### INSTRUCTIONS FOR THE TASK
Go through the data below and return each line where the string "unset" appears.

━━━━━ ENTRIES PROVIDED ━━━━━

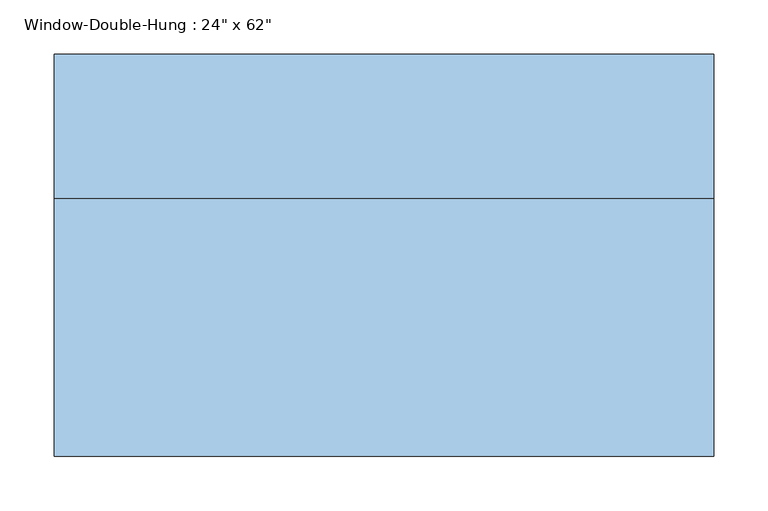
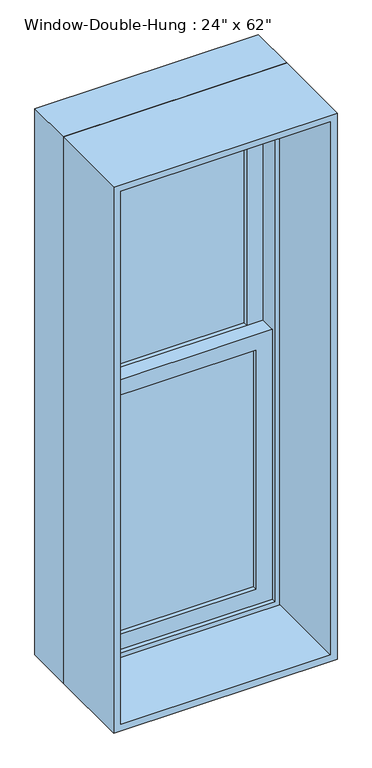
"""IFC4 building model written with IfcOpenShell, lengths in millimetres: window geometry."""

import ifcopenshell
import ifcopenshell.guid

model = None  # the IFC model being written
_history = None  # IfcOwnerHistory: only IFC2X3 demands one
_inside = {}  # id of a spatial element -> (the spatial element, [elements in it])
_under = {}  # id of a project, library or spatial element -> (it, [spatial elements below it])
_declared = {}  # id of a project -> (the project, [libraries it declares])
_typed = {}  # id of a type object -> (the type object, [elements of that type])
_made_of = {}  # id of a material, layer set ... -> (it, [elements and type objects made of it])


def new_model(schema):
    """Start an empty IFC model of exactly this schema.

    Asked for "IFC4X3", IfcOpenShell would pick the latest addendum, in which some entities
    have other attributes; the version numbers below select the first issue.
    IFC2X3 requires an IfcOwnerHistory on every rooted entity: one is made here for all.
    """
    global model, _history
    if schema == "IFC4X3":
        model = ifcopenshell.file(schema_version=(4, 3, 0, 0))
    else:
        model = ifcopenshell.file(schema=schema)
    _inside.clear()
    _under.clear()
    _declared.clear()
    _typed.clear()
    _made_of.clear()
    _history = None
    if model.schema == "IFC2X3":
        org = make("IfcOrganization", Name="unknown")
        user = make(
            "IfcPersonAndOrganization",
            ThePerson=make("IfcPerson", FamilyName="unknown"),
            TheOrganization=org,
        )
        app = make(
            "IfcApplication",
            ApplicationDeveloper=org,
            Version="unknown",
            ApplicationFullName="unknown",
            ApplicationIdentifier="unknown",
        )
        _history = make(
            "IfcOwnerHistory",
            OwningUser=user,
            OwningApplication=app,
            ChangeAction="ADDED",
            CreationDate=0,
        )
    return model


def make(cls, **values):
    """One entity of the class cls with the attributes given. An attribute that is None is left unset."""
    return model.create_entity(
        cls, **{name: value for name, value in values.items() if value is not None}
    )


def rooted(cls, **values):
    """An entity with a GlobalId (a new one), such as an element, a storey or a relation."""
    return make(cls, GlobalId=ifcopenshell.guid.new(), OwnerHistory=_history, **values)


def si_unit(unit_type, name, prefix=None):
    """IfcSIUnit, for example si_unit("LENGTHUNIT", "METRE", prefix="MILLI")."""
    return make("IfcSIUnit", UnitType=unit_type, Prefix=prefix, Name=name)


def assignment(units):
    """IfcUnitAssignment: the units of a project."""
    return None if units is None else make("IfcUnitAssignment", Units=units)


def point(xyz):
    """IfcCartesianPoint."""
    return None if xyz is None else make("IfcCartesianPoint", Coordinates=xyz)


def direction(xyz):
    """IfcDirection."""
    return None if xyz is None else make("IfcDirection", DirectionRatios=xyz)


def frame(location, z_axis=None, x_axis=None):
    """IfcAxis2Placement3D, a coordinate frame: its origin and axes. An axis left out is left unset."""
    return make(
        "IfcAxis2Placement3D",
        Location=point(location),
        Axis=direction(z_axis),
        RefDirection=direction(x_axis),
    )


def origin():
    """The frame at (0, 0, 0) with its axes left unset."""
    return frame((0.0, 0.0, 0.0))


def place(relative_to, where):
    """IfcLocalPlacement: puts the frame where relative to a parent placement (None: the world)."""
    return make(
        "IfcLocalPlacement", PlacementRelTo=relative_to, RelativePlacement=where
    )


def context(
    kind, dimensions, precision=None, world=None, true_north=None, identifier=None
):
    """IfcGeometricRepresentationContext, for example the 3D "Model" context."""
    return make(
        "IfcGeometricRepresentationContext",
        ContextIdentifier=identifier,
        ContextType=kind,
        CoordinateSpaceDimension=dimensions,
        Precision=precision,
        WorldCoordinateSystem=world,
        TrueNorth=true_north,
    )


def project(units=None, contexts=None):
    """IfcProject with its units and contexts."""
    return rooted(
        "IfcProject",
        Name="project",
        RepresentationContexts=contexts,
        UnitsInContext=assignment(units),
    )


def spatial(cls, under=None, at=None, **own):
    """A site, building, storey or space (cls), placed at a placement, below another one or the project."""
    s = rooted(cls, ObjectPlacement=at, **own)
    if under is not None:
        _under.setdefault(under.id(), (under, []))[1].append(s)
    return s


def polyline(points):
    """IfcPolyline through the points."""
    return make("IfcPolyline", Points=[point(p) for p in points])


def outline(outer, holes=None, kind="AREA"):
    """IfcArbitraryClosedProfileDef: a profile drawn as a closed curve; with holes, ...WithVoids."""
    if holes is None:
        return make("IfcArbitraryClosedProfileDef", ProfileType=kind, OuterCurve=outer)
    return make(
        "IfcArbitraryProfileDefWithVoids",
        ProfileType=kind,
        OuterCurve=outer,
        InnerCurves=holes,
    )


def extrude(swept, where, along, depth):
    """IfcExtrudedAreaSolid: the profile swept, set in the frame where, extruded along a direction by depth."""
    return make(
        "IfcExtrudedAreaSolid",
        SweptArea=swept,
        Position=where,
        ExtrudedDirection=direction(along),
        Depth=depth,
    )


def shape(context_of_items, identifier, shape_type, items):
    """IfcShapeRepresentation: the items that make up one representation, for example the "Body"."""
    return make(
        "IfcShapeRepresentation",
        ContextOfItems=context_of_items,
        RepresentationIdentifier=identifier,
        RepresentationType=shape_type,
        Items=items,
    )


def source(mapping_origin, context_of_items, identifier, shape_type, items):
    """IfcRepresentationMap: a shape defined once, which mapped items show again and again."""
    return make(
        "IfcRepresentationMap",
        MappingOrigin=mapping_origin,
        MappedRepresentation=shape(context_of_items, identifier, shape_type, items),
    )


def transform(
    local_origin,
    x_axis=None,
    y_axis=None,
    z_axis=None,
    scale=None,
    scale2=None,
    scale3=None,
    uniform=True,
):
    """IfcCartesianTransformationOperator3D, or its non-uniform kind. x_axis, y_axis, z_axis: its Axis1, 2, 3."""
    if uniform:
        return make(
            "IfcCartesianTransformationOperator3D",
            Axis1=direction(x_axis),
            Axis2=direction(y_axis),
            LocalOrigin=point(local_origin),
            Scale=scale,
            Axis3=direction(z_axis),
        )
    return make(
        "IfcCartesianTransformationOperator3DnonUniform",
        Axis1=direction(x_axis),
        Axis2=direction(y_axis),
        LocalOrigin=point(local_origin),
        Scale=scale,
        Axis3=direction(z_axis),
        Scale2=scale2,
        Scale3=scale3,
    )


def mapped(mapping_source, mapping_target):
    """IfcMappedItem: shows the shape of a source again, moved by a transform."""
    return make(
        "IfcMappedItem", MappingSource=mapping_source, MappingTarget=mapping_target
    )


def made_of(thing, what):
    """Note that an element or type object is made of a material, layer set ...; save() writes the relation."""
    if what is not None:
        _made_of.setdefault(what.id(), (what, []))[1].append(thing)
    return thing


def element(
    cls,
    number,
    at=None,
    inside=None,
    cuts=None,
    type_object=None,
    material=None,
    context=None,
    identifier="Body",
    shape_type=None,
    held_by="IfcProductDefinitionShape",
    body=None,
    shapes=None,
    **own,
):
    """One element of the class cls, such as IfcWall. Its Tag is "e" and its number.

    at: its placement. inside: the storey or other place that contains it. cuts: it is an
    opening in that element (IfcRelVoidsElement). A single representation is given by context,
    identifier, shape_type and body (its items); several are given by shapes. held_by: the class
    of the entity that holds the representations. save() writes the other relations.
    """
    e = rooted(cls, Tag="e%d" % number, ObjectPlacement=at, **own)
    if body is not None:
        shapes = [shape(context, identifier, shape_type, body)]
    if shapes is not None:
        e.Representation = make(held_by, Representations=shapes)
    if inside is not None:
        _inside.setdefault(inside.id(), (inside, []))[1].append(e)
    if cuts is not None:
        rooted(
            "IfcRelVoidsElement", RelatingBuildingElement=cuts, RelatedOpeningElement=e
        )
    if type_object is not None:
        _typed.setdefault(type_object.id(), (type_object, []))[1].append(e)
    return made_of(e, material)


def aggregate(whole, parts):
    """IfcRelAggregates: a whole, such as a stair, and the parts it consists of."""
    return rooted("IfcRelAggregates", RelatingObject=whole, RelatedObjects=parts)


def save(model, path):
    """Write the relations noted so far, then the file.

    IfcRelAggregates (storeys below a building ...), IfcRelContainedInSpatialStructure (elements
    in a storey), IfcRelDefinesByType, IfcRelAssociatesMaterial and IfcRelDeclares: one each for
    every whole, place, type object, material and project.
    """
    for whole, parts in _under.values():
        aggregate(whole, parts)
    for where, things in _inside.values():
        rooted(
            "IfcRelContainedInSpatialStructure",
            RelatedElements=things,
            RelatingStructure=where,
        )
    for kind, things in _typed.values():
        rooted("IfcRelDefinesByType", RelatedObjects=things, RelatingType=kind)
    for what, things in _made_of.values():
        rooted("IfcRelAssociatesMaterial", RelatedObjects=things, RelatingMaterial=what)
    for by, libraries in _declared.values():
        rooted("IfcRelDeclares", RelatingContext=by, RelatedDefinitions=libraries)
    model.write(path)


def window_f919a6bd(model_context):
    return source(origin(), model_context, "Body", "SweptSolid", [
        extrude(outline(polyline([(228.6, 106.3625), (228.6, 100.0125), (-228.6, 100.0125), (-228.6, 106.3625), (228.6, 106.3625)])), frame((0.0, 0.0, 990.6), z_axis=(0.0, 0.0, 1.0), x_axis=(1.0, 0.0, 0.0)), (0.0, 0.0, 1.0), 688.975),
        extrude(outline(polyline([(-228.6, 93.6625), (228.6, 93.6625), (228.6, 87.3125), (-228.6, 87.3125), (-228.6, 93.6625)])), frame((0.0, 0.0, 990.6), z_axis=(0.0, 0.0, 1.0), x_axis=(1.0, 0.0, 0.0)), (0.0, 0.0, 1.0), 688.975),
        extrude(outline(polyline([(228.6, 150.8125), (228.6, 144.4625), (-228.6, 144.4625), (-228.6, 150.8125), (228.6, 150.8125)])), frame((0.0, 0.0, 1724.025), z_axis=(0.0, 0.0, 1.0), x_axis=(1.0, 0.0, 0.0)), (0.0, 0.0, 1.0), 688.975),
        extrude(outline(polyline([(-228.6, 138.1125), (228.6, 138.1125), (228.6, 131.7625), (-228.6, 131.7625), (-228.6, 138.1125)])), frame((0.0, 0.0, 1724.025), z_axis=(0.0, 0.0, 1.0), x_axis=(1.0, 0.0, 0.0)), (0.0, 0.0, 1.0), 688.975),
        extrude(outline(polyline([(1724.025, -273.05), (946.15, -273.05), (946.15, 273.05), (1724.025, 273.05), (1724.025, -273.05)]), holes=[polyline([(1679.575, 228.6), (990.6, 228.6), (990.6, -228.6), (1679.575, -228.6), (1679.575, 228.6)])]), frame((0.0, 74.6125, 0.0), z_axis=(0.0, 1.0, 0.0), x_axis=(0.0, 0.0, 1.0)), (0.0, 0.0, 1.0), 44.45),
        extrude(outline(polyline([(2457.45, -273.05), (1679.575, -273.05), (1679.575, 273.05), (2457.45, 273.05), (2457.45, -273.05)]), holes=[polyline([(2413.0, 228.6), (1724.025, 228.6), (1724.025, -228.6), (2413.0, -228.6), (2413.0, 228.6)])]), frame((0.0, 119.0625, 0.0), z_axis=(0.0, 1.0, 0.0), x_axis=(0.0, 0.0, 1.0)), (0.0, 0.0, 1.0), 44.45),
        extrude(outline(polyline([(2489.2, -304.8), (914.4, -304.8), (914.4, 304.8), (2489.2, 304.8), (2489.2, -304.8)]), holes=[polyline([(2457.45, 273.05), (946.15, 273.05), (946.15, -273.05), (2457.45, -273.05), (2457.45, 273.05)])]), frame((0.0, 61.9125, 0.0), z_axis=(0.0, 1.0, 0.0), x_axis=(0.0, 0.0, 1.0)), (0.0, 0.0, 1.0), 133.35),
        extrude(outline(polyline([(2489.2, 304.8), (2489.2, -304.8), (914.4, -304.8), (914.4, 304.8), (2489.2, 304.8)]), holes=[polyline([(2470.15, 285.75), (933.45, 285.75), (933.45, -285.75), (2470.15, -285.75), (2470.15, 285.75)])]), frame((0.0, -176.2125, 0.0), z_axis=(0.0, 1.0, 0.0), x_axis=(0.0, 0.0, 1.0)), (0.0, 0.0, 1.0), 238.125),
    ])


if __name__ == "__main__":
    model = new_model("IFC4")
    model_context = context("Model", 3, world=origin())
    ifc_project = project(units=[si_unit("LENGTHUNIT", "METRE", prefix="MILLI")], contexts=[model_context])
    site = spatial("IfcSite", under=ifc_project)
    building = spatial("IfcBuilding", under=site)
    placement = place(None, origin())
    window_shape = window_f919a6bd(model_context)
    element("IfcWindow", 1, ObjectType="Window-Double-Hung : 24\" x 62\"", at=placement, inside=building, context=model_context, shape_type="MappedRepresentation", body=[
        mapped(window_shape, transform((0.0, 0.0, 0.0), x_axis=(1.0, 0.0, 0.0), y_axis=(0.0, 1.0, 0.0), z_axis=(0.0, 0.0, 1.0))),
    ])
    save(model, "model.ifc")

# Revit data of these elements
# Type "Window-Double-Hung : 24\" x 62\""
#   Type Mark = "30"
#   Fire Rating = "0.5h"
#   Construction Type Id = "DG-DR"
#   Assembly Code = "B2020100"
#   Analytic Construction = "Double glazing - domestic"
#   Wall Thickness [instance default] = 0' - 6"
#   Window Inset [instance default] = 0' - 0"
#   Visual Light Transmittance = 0.81
#   Thermal Resistance (R) = 1.8146 (h·ft²·°F)/BTU
#   Solar Heat Gain Coefficient = 0.76
#   Muntin Width = 1' - 6"
#   Muntin Height = 2' - 3 1/8"
#   Interior Wall Closure [instance default] = 0' - 1 1/2"
#   Rough Width = 2' - 0 1/2"
#   Rough Height = 5' - 2 1/2"
#   Frame Extension [instance default] = 0' - 1 1/4"
#   Exterior Wall Closure [instance default] = 0' - 0 1/2"
#   Extension Jamb [instance default] = 0' - 1 1/2"
#   Heat Transfer Coefficient (U) = 0.5511 BTU/(h·ft²·°F)
#   Height = 5' - 2"
#   Width = 2' - 0"
#   Top Muntin Visibility = yes
#   Indicator Visibility [instance default] = yes
#   Extension Jamb Visibility [instance default] = yes
#   Interior Trim Visibility [instance default] = yes
#   Exterior Trim Visibility [instance default] = yes
#   Define Thermal Properties by = 1
#   Bottom Muntin Visibility = yes
#   Muntin Pattern = Muntin Pattern_2x2 : Muntin Pattern_2x2
#   Interior Trim Material = Wood - Stained
#   Interior Trim = Trim-Window-Interior-Flat : Picture Frame
#   Exterior Trim Material = Clad - White
#   Exterior Trim = Trim-Window-Exterior-Flat : with Sill
#   Glass Panel Material = Glass
#   Exterior Frame Material = Clad - White
#   Interior Frame Material = Wood - Stained
#   Wall Closure = (empty or 0)
# Element 1 (IfcWindow, "Window-Double-Hung : 24\" x 62\"")
#   Wall Thickness = 1' - 1 7/8"
#   Extension Jamb = 0' - 9 3/8"
#   Materials on its faces: "Wood - Stained", "Glass", "Clad - White"
# Materials
#   "Wood - Stained": class "Wood", colour RGB 224 178 126, transparency 0, Cost = 0
#   "Clad - White": class "Wood", colour RGB 242 242 238, transparency 0, Cost = 0
#   "Glass": class "Glass", colour RGB 0 128 192, transparency 0.75, Description = "Soda Lime Glass", Cost = 0

━━━━━

### EXERCISE ANSWER
    """One entity of the class cls with the attributes given. An attribute that is None is left unset."""
    """IfcAxis2Placement3D, a coordinate frame: its origin and axes. An axis left out is left unset."""
    """The frame at (0, 0, 0) with its axes left unset."""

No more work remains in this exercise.